Sample: 300 randomly selected college students.
Why is sampling important?
Researchers usually cannot study an entire population, so they use a sample. The sample should represent the population as closely as possible so the results can be generalized.
Measurement
the process of observing and recording variables using specific procedures or instruments.
Bar Graph
A bar graph is used to compare differences between groups (categorical variables).
Example:
Group A: Average exam score = 82
Group B: Average exam score = 91
A bar graph clearly compares the two groups.
Exam clue:
If you are comparing separate groups, think BAR GRAPH.
Scatterplot
A scatterplot shows the relationship (correlation) between two quantitative variables.
Example:
Hours Studied (X)
Exam Score (Y)
Each dot represents one participant.
Patterns:
• Positive correlation:
As one variable increases, the other also increases.
Hours Studied ↑
Exam Score ↑
• Negative correlation:
As one variable increases, the other decreases.
Exercise ↑
Stress ↓
• No correlation:
No consistent pattern between the variables.
Exam clue:
If you're looking at the relationship between two measured variables, think SCATTERPLOT.

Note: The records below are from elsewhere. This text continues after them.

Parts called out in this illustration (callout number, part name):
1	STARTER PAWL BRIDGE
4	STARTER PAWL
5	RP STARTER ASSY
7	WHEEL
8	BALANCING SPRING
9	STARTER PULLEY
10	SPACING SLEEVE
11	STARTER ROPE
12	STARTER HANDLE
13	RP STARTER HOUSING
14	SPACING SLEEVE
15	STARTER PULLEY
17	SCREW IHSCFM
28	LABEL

Why Correlation Does NOT Imply Causation
A correlation means two variables are related.
It does NOT mean one variable causes the other.
Why?
1. Third-variable problem
A third variable may explain the relationship.
Example:
Ice cream sales and drowning deaths both increase in the summer.
Does ice cream cause drowning?
No.
Third variable:
Hot weather.
2. Directionality problem
You may not know which variable came first.
Example:
Social media use and anxiety are positively correlated.
Possibilities:
- Social media increases anxiety.
- Anxiety causes people to use social media more.

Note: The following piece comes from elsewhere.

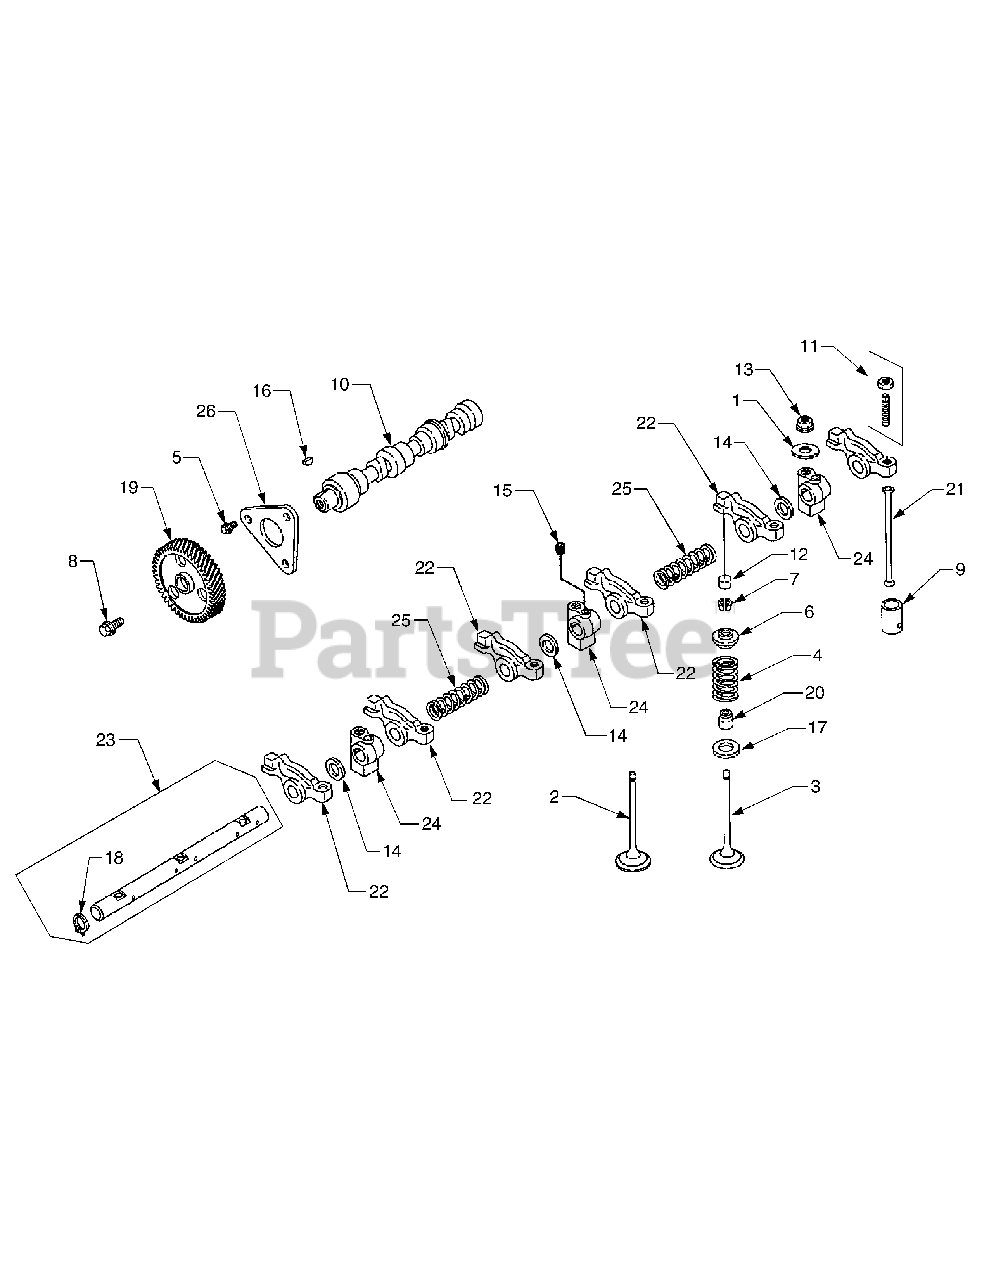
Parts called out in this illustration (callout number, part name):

- Another variable influences both.
Because of these possibilities, correlational studies cannot establish cause and effect.
Only experimental designs can support causal conclusions.
Appropriate Conclusions From a Correlation
Correct conclusion:
"There is a relationship (association) between the variables."
Incorrect conclusion:
"One variable causes the other."
Testable Research Questions
Characteristics of a good research question:
- Clear
- Specific
- Measurable
- Can be answered with data
Good example:
Does sleeping at least 8 hours improve exam performance among college students?
Researchers can:
- Measure sleep.
- Measure exam scores.
- Analyze the results.
Not testable:
Do dreams have spiritual meaning?
Why?
The question cannot be answered objectively using scientific methods.
How Researchers Evaluate a Research Question
Researchers ask:
• Is it clear?
• Can the variables be measured?
• Can data be collected?
• Can it be answered through observation or experimentation?
• Is it ethical to study?
If the answer is yes to these questions, it is generally considered a good, testable research question.